**Records to process**

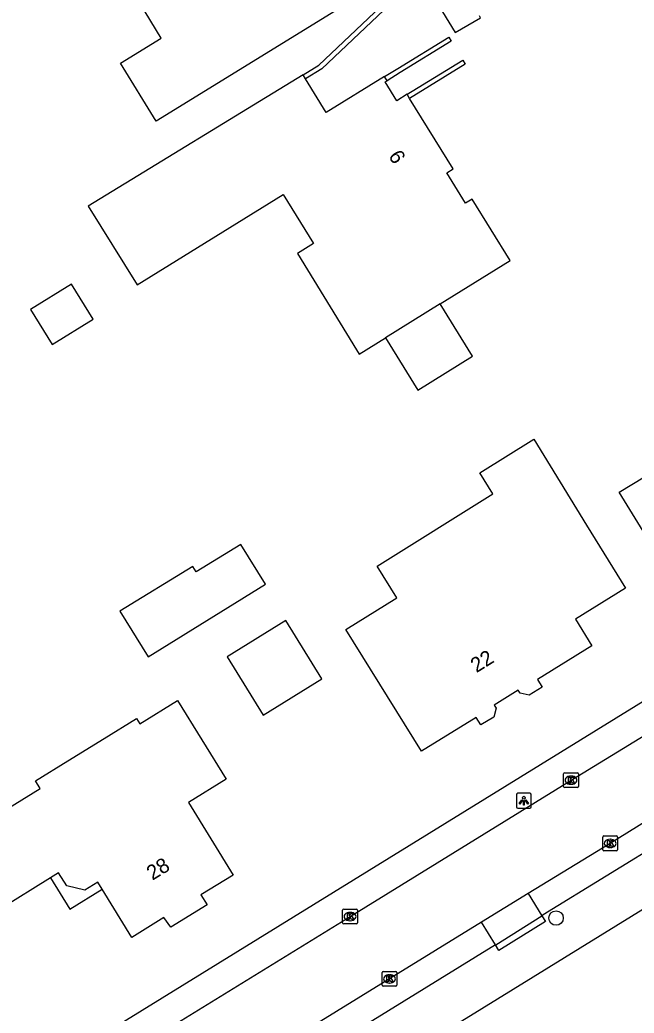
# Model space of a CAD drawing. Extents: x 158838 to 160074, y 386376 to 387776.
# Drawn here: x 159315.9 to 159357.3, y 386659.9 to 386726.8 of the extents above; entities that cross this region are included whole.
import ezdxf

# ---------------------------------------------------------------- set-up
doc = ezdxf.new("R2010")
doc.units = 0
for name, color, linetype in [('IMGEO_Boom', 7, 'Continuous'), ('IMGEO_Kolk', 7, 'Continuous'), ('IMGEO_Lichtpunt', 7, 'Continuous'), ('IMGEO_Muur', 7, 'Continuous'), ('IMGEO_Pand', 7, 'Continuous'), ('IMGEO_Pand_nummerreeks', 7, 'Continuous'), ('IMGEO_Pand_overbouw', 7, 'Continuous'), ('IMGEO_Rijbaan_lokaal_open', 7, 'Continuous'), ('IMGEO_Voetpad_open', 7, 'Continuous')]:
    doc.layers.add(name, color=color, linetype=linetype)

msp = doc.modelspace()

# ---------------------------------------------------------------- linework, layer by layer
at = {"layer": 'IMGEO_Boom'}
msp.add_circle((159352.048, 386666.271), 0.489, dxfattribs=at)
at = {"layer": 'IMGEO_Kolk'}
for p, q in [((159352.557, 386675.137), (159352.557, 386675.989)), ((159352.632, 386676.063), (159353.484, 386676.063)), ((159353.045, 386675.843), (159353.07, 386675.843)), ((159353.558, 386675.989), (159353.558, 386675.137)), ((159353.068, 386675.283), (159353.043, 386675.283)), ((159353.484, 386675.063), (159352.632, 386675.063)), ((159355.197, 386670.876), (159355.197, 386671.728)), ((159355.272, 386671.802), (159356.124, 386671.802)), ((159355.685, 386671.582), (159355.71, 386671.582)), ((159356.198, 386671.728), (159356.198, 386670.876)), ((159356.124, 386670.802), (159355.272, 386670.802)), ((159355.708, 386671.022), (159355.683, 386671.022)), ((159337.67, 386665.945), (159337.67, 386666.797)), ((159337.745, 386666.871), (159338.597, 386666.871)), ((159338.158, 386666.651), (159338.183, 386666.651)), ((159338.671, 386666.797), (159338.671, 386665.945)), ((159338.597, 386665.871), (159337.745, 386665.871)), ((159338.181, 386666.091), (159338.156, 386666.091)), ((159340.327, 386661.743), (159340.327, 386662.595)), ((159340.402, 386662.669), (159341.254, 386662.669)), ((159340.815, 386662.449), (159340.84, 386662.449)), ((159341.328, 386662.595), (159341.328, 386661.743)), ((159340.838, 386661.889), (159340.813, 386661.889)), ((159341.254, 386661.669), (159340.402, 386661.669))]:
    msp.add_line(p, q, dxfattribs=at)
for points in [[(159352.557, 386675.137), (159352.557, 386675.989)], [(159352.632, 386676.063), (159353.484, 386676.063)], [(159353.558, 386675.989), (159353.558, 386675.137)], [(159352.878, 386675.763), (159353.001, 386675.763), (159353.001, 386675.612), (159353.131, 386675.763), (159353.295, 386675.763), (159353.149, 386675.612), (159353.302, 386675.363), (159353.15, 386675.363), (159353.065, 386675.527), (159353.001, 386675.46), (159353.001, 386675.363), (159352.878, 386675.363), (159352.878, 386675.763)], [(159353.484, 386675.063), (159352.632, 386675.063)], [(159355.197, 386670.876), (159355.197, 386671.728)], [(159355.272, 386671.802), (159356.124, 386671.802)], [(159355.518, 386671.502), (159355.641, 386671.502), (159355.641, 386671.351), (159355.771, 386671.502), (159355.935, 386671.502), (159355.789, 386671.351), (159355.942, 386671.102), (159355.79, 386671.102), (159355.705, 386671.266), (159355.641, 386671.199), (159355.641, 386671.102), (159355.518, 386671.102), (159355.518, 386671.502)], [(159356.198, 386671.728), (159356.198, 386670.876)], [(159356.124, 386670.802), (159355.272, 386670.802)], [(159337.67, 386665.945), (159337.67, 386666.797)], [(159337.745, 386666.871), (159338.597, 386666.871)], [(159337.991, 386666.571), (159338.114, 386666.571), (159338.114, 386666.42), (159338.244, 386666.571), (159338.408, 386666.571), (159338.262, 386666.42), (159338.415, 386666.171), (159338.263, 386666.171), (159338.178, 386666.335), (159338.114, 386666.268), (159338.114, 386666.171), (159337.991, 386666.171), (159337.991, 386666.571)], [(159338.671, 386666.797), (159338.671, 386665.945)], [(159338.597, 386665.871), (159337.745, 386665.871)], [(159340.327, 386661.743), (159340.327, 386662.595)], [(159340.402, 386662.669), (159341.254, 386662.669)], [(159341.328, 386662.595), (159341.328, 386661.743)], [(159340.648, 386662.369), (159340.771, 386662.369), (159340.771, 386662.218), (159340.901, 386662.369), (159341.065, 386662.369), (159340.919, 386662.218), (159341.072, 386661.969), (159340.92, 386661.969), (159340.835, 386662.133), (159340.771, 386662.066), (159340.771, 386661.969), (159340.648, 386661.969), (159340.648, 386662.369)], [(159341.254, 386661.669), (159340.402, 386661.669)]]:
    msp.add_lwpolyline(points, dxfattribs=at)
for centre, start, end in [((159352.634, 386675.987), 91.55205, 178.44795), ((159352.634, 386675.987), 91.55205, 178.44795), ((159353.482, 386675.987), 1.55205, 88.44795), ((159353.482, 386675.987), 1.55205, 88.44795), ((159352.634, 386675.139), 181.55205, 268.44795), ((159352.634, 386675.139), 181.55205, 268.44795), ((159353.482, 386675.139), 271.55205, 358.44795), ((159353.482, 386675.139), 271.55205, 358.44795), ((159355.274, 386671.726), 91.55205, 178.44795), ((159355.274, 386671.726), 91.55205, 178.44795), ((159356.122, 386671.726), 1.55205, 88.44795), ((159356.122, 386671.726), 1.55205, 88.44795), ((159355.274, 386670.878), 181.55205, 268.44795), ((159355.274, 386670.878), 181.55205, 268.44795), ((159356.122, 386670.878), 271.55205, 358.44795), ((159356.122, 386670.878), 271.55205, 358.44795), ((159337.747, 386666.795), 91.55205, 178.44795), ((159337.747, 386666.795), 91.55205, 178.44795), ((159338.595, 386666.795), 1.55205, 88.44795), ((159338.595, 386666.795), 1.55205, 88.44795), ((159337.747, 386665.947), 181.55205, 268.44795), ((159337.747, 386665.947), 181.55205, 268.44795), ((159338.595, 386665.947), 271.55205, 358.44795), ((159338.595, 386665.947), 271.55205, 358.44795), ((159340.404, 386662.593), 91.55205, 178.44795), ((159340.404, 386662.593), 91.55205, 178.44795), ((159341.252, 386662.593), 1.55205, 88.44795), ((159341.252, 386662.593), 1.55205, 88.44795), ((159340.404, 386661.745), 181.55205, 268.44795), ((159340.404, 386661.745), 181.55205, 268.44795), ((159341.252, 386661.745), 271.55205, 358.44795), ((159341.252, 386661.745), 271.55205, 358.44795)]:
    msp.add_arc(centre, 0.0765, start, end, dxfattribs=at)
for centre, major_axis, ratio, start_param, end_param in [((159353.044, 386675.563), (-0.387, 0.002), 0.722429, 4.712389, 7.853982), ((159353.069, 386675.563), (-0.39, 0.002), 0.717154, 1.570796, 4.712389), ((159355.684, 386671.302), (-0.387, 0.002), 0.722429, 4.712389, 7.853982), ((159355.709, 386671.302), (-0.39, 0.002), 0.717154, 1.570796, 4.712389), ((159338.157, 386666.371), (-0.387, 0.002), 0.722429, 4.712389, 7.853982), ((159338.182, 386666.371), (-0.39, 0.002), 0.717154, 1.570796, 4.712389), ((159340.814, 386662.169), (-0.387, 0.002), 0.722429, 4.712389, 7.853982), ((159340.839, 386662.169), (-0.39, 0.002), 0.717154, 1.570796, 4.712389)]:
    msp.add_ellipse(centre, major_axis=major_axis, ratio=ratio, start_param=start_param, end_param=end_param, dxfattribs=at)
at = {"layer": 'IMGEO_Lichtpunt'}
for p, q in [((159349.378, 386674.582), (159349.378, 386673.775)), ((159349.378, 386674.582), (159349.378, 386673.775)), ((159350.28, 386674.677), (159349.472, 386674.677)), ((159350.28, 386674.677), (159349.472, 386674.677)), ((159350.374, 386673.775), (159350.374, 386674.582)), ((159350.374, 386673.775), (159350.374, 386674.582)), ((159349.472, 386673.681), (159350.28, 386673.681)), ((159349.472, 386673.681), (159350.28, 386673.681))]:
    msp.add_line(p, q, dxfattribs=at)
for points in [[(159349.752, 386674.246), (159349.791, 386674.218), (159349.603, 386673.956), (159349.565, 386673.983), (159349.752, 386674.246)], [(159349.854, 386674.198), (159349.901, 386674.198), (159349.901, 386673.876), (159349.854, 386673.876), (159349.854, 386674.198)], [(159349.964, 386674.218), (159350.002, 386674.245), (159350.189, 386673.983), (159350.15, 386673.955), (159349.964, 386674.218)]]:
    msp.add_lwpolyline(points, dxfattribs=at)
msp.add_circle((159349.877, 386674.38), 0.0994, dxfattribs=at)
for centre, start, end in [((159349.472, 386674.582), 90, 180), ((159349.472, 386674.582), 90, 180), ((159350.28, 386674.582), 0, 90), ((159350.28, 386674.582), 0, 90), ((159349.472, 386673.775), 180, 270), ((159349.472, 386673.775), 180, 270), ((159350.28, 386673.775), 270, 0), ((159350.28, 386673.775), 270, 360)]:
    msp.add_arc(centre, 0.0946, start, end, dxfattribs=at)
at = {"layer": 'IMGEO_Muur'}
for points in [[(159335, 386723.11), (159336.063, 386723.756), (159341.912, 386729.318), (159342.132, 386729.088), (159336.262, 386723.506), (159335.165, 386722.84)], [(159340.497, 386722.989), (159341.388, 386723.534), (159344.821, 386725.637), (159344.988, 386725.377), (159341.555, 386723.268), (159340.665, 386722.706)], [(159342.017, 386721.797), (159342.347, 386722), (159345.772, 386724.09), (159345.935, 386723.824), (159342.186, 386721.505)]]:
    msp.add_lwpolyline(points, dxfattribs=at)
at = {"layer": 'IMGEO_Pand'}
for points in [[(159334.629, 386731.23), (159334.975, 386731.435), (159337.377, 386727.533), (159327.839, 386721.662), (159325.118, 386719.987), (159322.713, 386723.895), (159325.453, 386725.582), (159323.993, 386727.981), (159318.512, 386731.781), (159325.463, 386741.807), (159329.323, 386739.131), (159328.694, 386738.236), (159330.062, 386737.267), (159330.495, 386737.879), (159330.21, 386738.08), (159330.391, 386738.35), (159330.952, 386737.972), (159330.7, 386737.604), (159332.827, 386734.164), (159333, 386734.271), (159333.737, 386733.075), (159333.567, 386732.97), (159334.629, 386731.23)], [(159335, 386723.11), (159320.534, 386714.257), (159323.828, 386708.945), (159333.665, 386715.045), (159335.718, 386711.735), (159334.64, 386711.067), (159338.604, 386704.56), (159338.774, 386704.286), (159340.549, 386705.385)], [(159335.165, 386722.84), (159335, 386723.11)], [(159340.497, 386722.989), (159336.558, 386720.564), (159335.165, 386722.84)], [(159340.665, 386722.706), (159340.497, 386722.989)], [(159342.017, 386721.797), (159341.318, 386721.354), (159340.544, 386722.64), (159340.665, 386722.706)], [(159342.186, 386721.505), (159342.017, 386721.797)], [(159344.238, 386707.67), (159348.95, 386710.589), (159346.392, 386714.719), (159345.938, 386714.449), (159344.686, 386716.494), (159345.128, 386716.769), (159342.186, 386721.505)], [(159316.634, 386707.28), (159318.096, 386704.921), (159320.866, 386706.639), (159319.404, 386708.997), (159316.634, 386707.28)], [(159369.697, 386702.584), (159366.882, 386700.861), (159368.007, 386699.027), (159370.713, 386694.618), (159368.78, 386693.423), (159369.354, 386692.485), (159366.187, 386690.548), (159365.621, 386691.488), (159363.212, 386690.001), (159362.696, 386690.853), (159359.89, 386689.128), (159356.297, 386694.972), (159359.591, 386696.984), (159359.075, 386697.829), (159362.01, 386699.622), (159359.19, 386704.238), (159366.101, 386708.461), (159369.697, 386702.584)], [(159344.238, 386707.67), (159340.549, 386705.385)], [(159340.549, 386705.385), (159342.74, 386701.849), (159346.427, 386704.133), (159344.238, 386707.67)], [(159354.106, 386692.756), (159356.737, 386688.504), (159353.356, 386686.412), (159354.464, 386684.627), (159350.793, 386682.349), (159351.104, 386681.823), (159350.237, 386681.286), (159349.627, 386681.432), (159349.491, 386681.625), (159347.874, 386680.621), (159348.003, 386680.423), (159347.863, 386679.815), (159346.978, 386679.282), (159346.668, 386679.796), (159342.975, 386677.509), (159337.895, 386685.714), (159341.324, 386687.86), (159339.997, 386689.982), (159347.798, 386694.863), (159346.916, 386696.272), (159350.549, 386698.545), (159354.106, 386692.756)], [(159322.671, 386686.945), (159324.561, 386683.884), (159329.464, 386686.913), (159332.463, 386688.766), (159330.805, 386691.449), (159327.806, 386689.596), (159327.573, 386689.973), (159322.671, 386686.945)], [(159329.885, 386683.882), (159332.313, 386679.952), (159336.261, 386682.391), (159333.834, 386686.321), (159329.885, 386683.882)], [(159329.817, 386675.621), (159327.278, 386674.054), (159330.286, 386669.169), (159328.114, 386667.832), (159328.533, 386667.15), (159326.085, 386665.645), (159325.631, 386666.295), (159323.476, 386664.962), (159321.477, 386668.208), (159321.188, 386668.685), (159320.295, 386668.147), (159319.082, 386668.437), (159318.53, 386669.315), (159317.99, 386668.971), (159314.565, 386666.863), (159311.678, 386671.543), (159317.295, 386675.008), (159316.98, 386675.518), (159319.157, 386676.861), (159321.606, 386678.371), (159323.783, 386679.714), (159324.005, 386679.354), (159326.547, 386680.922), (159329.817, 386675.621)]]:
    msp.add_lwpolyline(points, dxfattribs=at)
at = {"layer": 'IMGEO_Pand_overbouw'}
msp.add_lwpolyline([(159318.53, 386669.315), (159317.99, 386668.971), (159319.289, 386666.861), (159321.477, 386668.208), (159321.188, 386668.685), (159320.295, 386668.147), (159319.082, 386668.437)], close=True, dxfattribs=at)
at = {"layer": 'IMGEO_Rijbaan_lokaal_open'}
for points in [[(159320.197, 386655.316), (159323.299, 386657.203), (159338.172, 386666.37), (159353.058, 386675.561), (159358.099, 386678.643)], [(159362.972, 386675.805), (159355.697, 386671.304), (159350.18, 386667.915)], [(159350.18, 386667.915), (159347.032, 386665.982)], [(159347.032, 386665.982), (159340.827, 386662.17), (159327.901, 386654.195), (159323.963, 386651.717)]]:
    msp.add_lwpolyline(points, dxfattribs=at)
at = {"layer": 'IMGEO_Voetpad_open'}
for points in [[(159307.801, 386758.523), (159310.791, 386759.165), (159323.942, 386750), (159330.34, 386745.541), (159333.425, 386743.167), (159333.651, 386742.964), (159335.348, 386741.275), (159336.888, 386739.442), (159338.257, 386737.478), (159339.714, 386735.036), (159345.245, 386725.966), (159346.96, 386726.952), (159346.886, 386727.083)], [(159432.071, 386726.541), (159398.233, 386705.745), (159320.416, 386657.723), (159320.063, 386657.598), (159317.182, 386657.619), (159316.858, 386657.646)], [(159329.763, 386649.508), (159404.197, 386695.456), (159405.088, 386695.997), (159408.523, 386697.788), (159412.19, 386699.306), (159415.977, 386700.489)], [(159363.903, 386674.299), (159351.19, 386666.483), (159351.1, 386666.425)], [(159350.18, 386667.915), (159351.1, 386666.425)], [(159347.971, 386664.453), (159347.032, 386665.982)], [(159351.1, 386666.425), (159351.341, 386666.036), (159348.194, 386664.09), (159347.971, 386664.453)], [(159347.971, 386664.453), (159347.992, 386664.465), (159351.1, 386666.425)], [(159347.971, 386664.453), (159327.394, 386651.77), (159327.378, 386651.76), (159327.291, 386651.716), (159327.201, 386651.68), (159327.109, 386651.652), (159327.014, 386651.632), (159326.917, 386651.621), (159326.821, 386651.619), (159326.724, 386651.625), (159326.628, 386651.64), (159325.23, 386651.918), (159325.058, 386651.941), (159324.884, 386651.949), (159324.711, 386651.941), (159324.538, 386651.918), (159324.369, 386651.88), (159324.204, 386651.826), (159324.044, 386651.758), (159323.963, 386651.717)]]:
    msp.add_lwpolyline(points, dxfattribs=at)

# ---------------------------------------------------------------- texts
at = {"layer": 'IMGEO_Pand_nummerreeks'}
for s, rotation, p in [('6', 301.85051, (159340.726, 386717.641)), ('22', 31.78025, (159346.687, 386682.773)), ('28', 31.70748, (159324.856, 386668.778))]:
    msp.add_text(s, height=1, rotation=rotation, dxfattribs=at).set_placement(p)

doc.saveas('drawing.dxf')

**Task goal**
All lines in the records above with "color" need to be found and copied.

**Answer section**
for name, color, linetype in [('IMGEO_Boom', 7, 'Continuous'), ('IMGEO_Kolk', 7, 'Continuous'), ('IMGEO_Lichtpunt', 7, 'Continuous'), ('IMGEO_Muur', 7, 'Continuous'), ('IMGEO_Pand', 7, 'Continuous'), ('IMGEO_Pand_nummerreeks', 7, 'Continuous'), ('IMGEO_Pand_overbouw', 7, 'Continuous'), ('IMGEO_Rijbaan_lokaal_open', 7, 'Continuous'), ('IMGEO_Voetpad_open', 7, 'Continuous')]:
    doc.layers.add(name, color=color, linetype=linetype)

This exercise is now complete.